Как он ошибся бы! Для нас Катулл
Предутренние разводил потемки,
И благородный чтит его читатель.
Культура в самом деле – общий дом,
Как средиземноморский этот берег.
А мы – как галечник, так мы похожи.
Национальность наша ни при чем.
Нева иль Сена, Темза или Терек –
Бессмертью все равно, и смерти – тоже.
***
В Египте синий цвет мечтал о воскрешенье,
В Китае обещал он вечную весну.
«Берлинская лазурь» – волшебное смешенье
Оттенков голубых, сродни морскому дну.
У древних христиан на выцветших полотнах
Одежды синева изображает грех.
Но синему греху я верю неохотно,
Он втайне адвокат, оправдывает всех.
И в синий облачась, является Мария,
И в голубом плаще на троне Соломон.
Поистине, как жизнь сама, его стихия,
И всё, что знаем мы, в себя вбирает он.
Я этот цвет люблю – цвет жизни, цвет печали,
Цвет смерти и любви, спасенья и стыда.
Как много мне его оттенки нашептали,
Привязчивы, нежны, текучи, как вода.
А тот, кто наблюдал в музее в Амстердаме
Молочницу в чепце и синий фартук (цвет,
Который, как стихи, беседует с богами), –
Тот видел: счастье есть, а смерти – смерти нет!
***
Памяти Георгия Адамовича
Без постылого российского позерства,
Без ура-патриотического ража,
Но без скромности (без ложной) и притворства
Он сказал, что вот литература наша
Чуткостью своей ко всякой фальши –
Несравненная! единственная в мире!
Что-то будет с ней, уже советской, дальше? –
В эмигрантской он гадал своей квартире.
Что-то ведомо ей высшее, такое,
Что не терпит ни «нажатия педали»,
Ни котурнов, ни учёного покоя.
Он носил в себе печать ее печали,
И назвав себя каким-то двадцать третьим
Или даже, может быть, сорок девятым,
Он был счастлив, что попался в ее сети
И что с Анненским – по алфавиту – рядом.
2
Он под конец своих заметок грустных,
Как разговор с самим собой, таких,
Что хочется запомнить наизусть их,
Привел один знакомый многим стих –
Молитву шестистрочную, и точным
Эпитетом в ней чудно потрясен,
О пребыванье, думаю, бессрочном,
О строгом рае помышлял и он.
Я рамочку вчера купила – просто
Дешевый ободок, кружок, овал,
Чтоб взгляд его внимательный и острый
Мой стол, мои бумаги охранял,
Чтобы иметь возможность с этим взглядом
Вчерашний сверить текст и чтобы он
И мысль его, и фраза были рядом –
Не только там, где вечно зелен клен.
Я думаю, что если бы спросили,
Он выбрал бы — не райское в тепле
Блаженное и праздное бессилье,
А вечное дежурство на столе,
Бумага, перечеркнутые строки,
Цветные скрепки, чашка, крепкий чай…
Не правда ли? – вот где реальный, строгий
С небесным конкурирующий рай!
***
Там расцвела сирень еще три дня назад.
Как не завидовать, скажи, блаженства краю?

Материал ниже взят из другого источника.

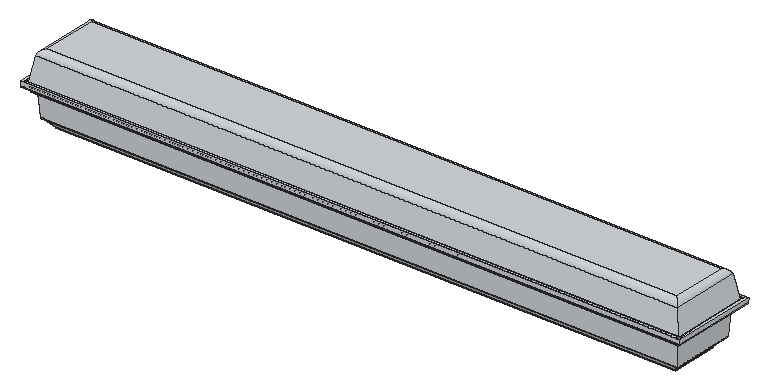
Revit family "Q1", category Lighting Fixtures, host Face, Revit 2025
Family settings
  Host = Face
  Round Connector Dimension = Use Diameter
  Part Type = Normal
  Cut with Voids When Loaded = No
  Light Source = No
  Maintain Annotation Orientation = No
  Shared = No
  Room Calculation Point = No
Parameters (values of type "METALUX 4VT2-LD4-8-DR-UNV-L835-CD1-WL-U")
  Width = 49 13/16"
  URL = "https://www.cooperlighting.com/global/brands/metalux/284381/vt2-led-series/4vt2-ld5-8-dr-unv-l840-cd1-wl-u#BRO"
  Sweep Margin = 3"
  Nominal Width = Width - (Sweep Margin * 2)  # 43 13/16"
  Model = "METALUX 4VT2-LD4-8-DR-UNV-L835-CD1-WL-U"
  Manufacturer = "Cooper Lighting Solutions"
  Height = 6.45575"
  Default Elevation = 48"
  Ballast Voltage = 0 V
  Apparent Power = 0 VA
Reference planes (in)
  plane 1 "Center (Front/Back)": y = 0
  plane 2: z = 0
  plane 3 "Center (Left/Right)": x = 0
  plane 4: y = 0.5
  plane 5: z = 0
  plane 6: x = -19.5047163
  plane 7: x = -16.5268409
  plane 8: y = 0
  plane 9: x = 0
Forms (in)
  Sweep 1, solid, detail levels medium+fine
    path origin (0, -32.2738911, 0) x (1, 0, 0) y (0, 1, 0)
      loop
        line (-21.90625, 32.5238911) -> (-21.90625, 32.0238911) -> (21.90625, 32.0238911) -> (21.90625, 32.5238911) -> (-21.90625, 32.5238911)
    profile origin (0, 0.25, 0) x (0, 1, 0) y (0, 0, 1)
      loop
        line (1.8517777, 2.2280208) -> (0, 2.2280208) -> (0, -2.7744571) -> (0.2770275, -2.7744571) -> (0.5184892, -3.058736) -> (0.5526464, -3.0873973) -> (0.6080021, -3.1002343) -> (1.4023195, -3.1002343)
        arc (1.4023195, -3.1002343) -> (1.4566291, -3.0879562) -> (1.5003753, -3.0535099) r 0.1262521
        line (1.5003753, -3.0535099) -> (1.9422799, -2.5288614) -> (1.977364, -2.5117497)
        arc (1.977364, -2.5117497) -> (2.0626007, -2.4785934) -> (2.1030484, -2.3965652) r 0.1261803
        line (2.1030484, -2.3965652) -> (2.2555141, -0.6536343) -> (2.5283161, -0.6042732) -> (2.5793382, -0.3148419)
        arc (2.5793382, -0.3148419) -> (2.6008914, -0.277474) -> (2.6414339, -0.2627362) r 0.062992
        line (2.6414339, -0.2627362) -> (2.8826411, -0.2627362)
        arc (2.8826411, -0.2627362) -> (2.9252795, -0.2461462) -> (2.9454929, -0.2051013) r 0.0630879
        line (2.9454929, -0.2051013) -> (2.9778753, 0.1681459) -> (2.7854208, 0.1681459)
        arc (2.7854208, 0.1681459) -> (2.7657435, 0.1611198) -> (2.7574287, 0.1419514) r 0.0262523
        line (2.7574287, 0.1419514) -> (2.7574287, 0.110421)
        arc (2.7574287, 0.110421) -> (2.6998587, 0.0475936) -> (2.6322523, 0.0994681) r 0.0630674
        line (2.6322523, 0.0994681) -> (2.3276479, 1.8267446)
        arc (2.3276479, 1.8267446) -> (2.1624608, 2.1136539) -> (1.8517777, 2.2280208) r 0.4856194
  Extrusion 2, solid, detail levels medium+fine
    sketch origin (0, 0, 0) x (1, 0, 0) y (0, 1, 0)
      loop
        line (-23.4066253, 1.7503753) -> (-23.4066253, -1.7503753) -> (23.4066253, -1.7503753) -> (23.4066253, 1.7503753) -> (-23.4066253, 1.7503753)
    from -3.1002343 to 2.2280208
Cuts and joins
  joined: Sweep 1, Extrusion 2
Lines and regions (in)
  symbolic lines
    curve 1: line (-24.90625, 3.2278753, 0) -> (24.90625, 3.2278753, 0)
    curve 2: line (-24.90625, -3.2278753, 0) -> (-24.90625, 3.2278753, 0)
    curve 3: line (24.90625, -3.2278753, 0) -> (-24.90625, -3.2278753, 0)
    curve 4: line (24.90625, 3.2278753, 0) -> (24.90625, -3.2278753, 0)
Dimensions and locks (in)
  Sweep 1 sketch curve to Sweep 1 sketch curve = 1/2"
  equal spacing: Sweep 1 sketch curve, plane 1 "Center (Front/Back)", Sweep 1 sketch curve
  equal spacing: Sweep 1 sketch curve, plane 3 "Center (Left/Right)", Sweep 1 sketch curve
  plane 6 to plane 7 = 2.97788"
  "Nominal Width": Sweep 1 sketch curve to Sweep 1 sketch curve
  cut or joined group of Sweep 1, Extrusion 2 to cut or joined group of Sweep 1, Extrusion 2 = 49.76825"
  "Height": cut or joined group of Sweep 1, Extrusion 2 to cut or joined group of Sweep 1, Extrusion 2
  equal spacing: curve 2, plane 3 "Center (Left/Right)", curve 4
  equal spacing: curve 1, plane 1 "Center (Front/Back)", curve 3
  "Width": curve 2 to curve 4
  "Height": curve 1 to curve 3
  aligned and locked: plane 2 to host face
  aligned and locked: level to host face
  aligned and locked: Sweep 1 to Extrusion 2
  aligned and locked: Extrusion 2 to Sweep 1
  aligned and locked: Extrusion 2 sketch curve to cut or joined group of Sweep 1, Extrusion 2  (x4)
Automatic sketch dimensions
  host sketch curve to host sketch curve = 96"  (x2)
  Sweep 1 sketch curve to profile plane = 0"
  Sweep 1 sketch curve to plane 4 = 0.02703"
  Sweep 1 sketch curve to plane 4 = 0.26849"
  Sweep 1 sketch curve to Sweep 1 sketch curve = 0.03416"
  Sweep 1 sketch curve to Sweep 1 sketch curve = 0.05536"
  Sweep 1 sketch curve to Sweep 1 sketch curve = 0.79432"
  Sweep 1 sketch curve to Sweep 1 sketch curve = 0.09806"
  Sweep 1 sketch curve to plane 4 = 1.59941"
  Sweep 1 sketch curve to Sweep 1 sketch curve = 0.00237"
  Sweep 1 sketch curve to Sweep 1 sketch curve = 0.4419"
  Sweep 1 sketch curve to Sweep 1 sketch curve = 0.03507"
  Sweep 1 sketch curve to Sweep 1 sketch curve = 0.03508"
  Sweep 1 sketch curve to Sweep 1 sketch curve = 0.1257"
  Sweep 1 sketch curve to level = 0.65363"
  Sweep 1 sketch curve to Sweep 1 sketch curve = 0.15247"
  Sweep 1 sketch curve to Sweep 1 sketch curve = 0.47824"
  Sweep 1 sketch curve to level = 0.60427"
  Sweep 1 sketch curve to Sweep 1 sketch curve = 0.2728"
  Sweep 1 sketch curve to level = 0.31484"
  Sweep 1 sketch curve to Sweep 1 sketch curve = 0.05102"
  level to Sweep 1 sketch curve = 0.09947"
  Sweep 1 sketch curve to Sweep 1 sketch curve = 0.05291"
  Sweep 1 sketch curve to Sweep 1 sketch curve = 0.06204"
  Sweep 1 sketch curve to Sweep 1 sketch curve = 0.00005"
  Sweep 1 sketch curve to Sweep 1 sketch curve = 0.06211"
  Sweep 1 sketch curve to Sweep 1 sketch curve = 0.06307"
  Sweep 1 sketch curve to Sweep 1 sketch curve = 0.02625"
  Sweep 1 sketch curve to Sweep 1 sketch curve = 0.00174"
  Sweep 1 sketch curve to Sweep 1 sketch curve = 0.24121"
  Sweep 1 sketch curve to level = 0.2051"
  Sweep 1 sketch curve to Sweep 1 sketch curve = 0.06285"
  level to Sweep 1 sketch curve = 0.16815"
  Sweep 1 sketch curve to Sweep 1 sketch curve = 0.19245"
  Sweep 1 sketch curve to Sweep 1 sketch curve = 1.73194"
  Sweep 1 sketch curve to Sweep 1 sketch curve = 0.011"
  Sweep 1 sketch curve to Sweep 1 sketch curve = 0.01711"
  Sweep 1 sketch curve to Sweep 1 sketch curve = 0.2456"
  Sweep 1 sketch curve to Sweep 1 sketch curve = 0.44512"
  Sweep 1 sketch curve to Sweep 1 sketch curve = 0.07953"
  Sweep 1 sketch curve to Sweep 1 sketch curve = 0.0415"
  Sweep 1 sketch curve to Sweep 1 sketch curve = 0.02866"
  Sweep 1 sketch curve to Sweep 1 sketch curve = 0.01089"
  level to Sweep 1 sketch curve = 1.74241"
  Sweep 1 sketch curve to Sweep 1 sketch curve = 0.08434"
  plane 1 "Center (Front/Back)" to Extrusion 2 sketch curve = 1.75038"
Connectors (in)
  electrical at (0, 1.2233478, -3.1002343), driven by "Ballast Voltage", driven by "Apparent Power"
    settings: on cut or joined group of Sweep 1, Extrusion 2, index 1, voltage 0 V, apparent load 0 VA, apparent load phase1 0 VA, apparent load phase2 0 VA, apparent load phase3 0 VA, power factor 1, load classification "Other", number of poles 1, system type 31, power factor state 1, is connector primary yes, connector utility no, sub classification motor no, connector description ""

Мне пишет русский мой приятель, лету рад,
Приобретенному рад, временному раю.
Но пишет, жалуясь, что пребывает в нем
Как бы насильственно, а всей душою – с нами.
Что он оставил здесь? Что кинул он в родном
Краю неласковом, заваленном снегами?
Какой-то, видимо, в России есть магнит,
Печаль какая-то, какое-то такое
Недомогание, неясное на вид,
Что сердце глупое не ведает покоя.
Как эта странная печаль или печать
Объединяет нас, рассеянных по свету!
Россия, если б ты могла не огорчать,
Ты потеряла бы любовь и прелесть эту.
***
Не люблю театр, не люблю фантастику,
Не люблю лунные ночи,
Ранние вставания, утреннюю гимнастику,
Как и вы не любите, впрочем,
Не люблю многолюдства, застолий,
Новейшие стихи, прозу
С их вывертом, запашком непристойным,
Лютикам предпочитаю розу,
Как и все остальные.
Не люблю странностей и ошибок
Грамматических, слов: ностальгия,
Красота, мудрость, творчество – ибо
Широковещательны, половички, покрывала,
Имена: Глеб, Станислав, Инна,
Наречие особо, прилагательное шалый,
Запах съеденной колбасы, бензина.
Не люблю тех, кто нуждается
В поклонении, не люблю мавританского
Стиля – восток! Что касается
Миндаля жареного под шампанское –
«Не люблю», – капризно писал Руслову
Михаил Кузмин, чтоб не быть, как другие, -
Все, все, все я прощу златоустому
За стихи его дорогие!
***
Какой несносный день! За что бы уцепиться?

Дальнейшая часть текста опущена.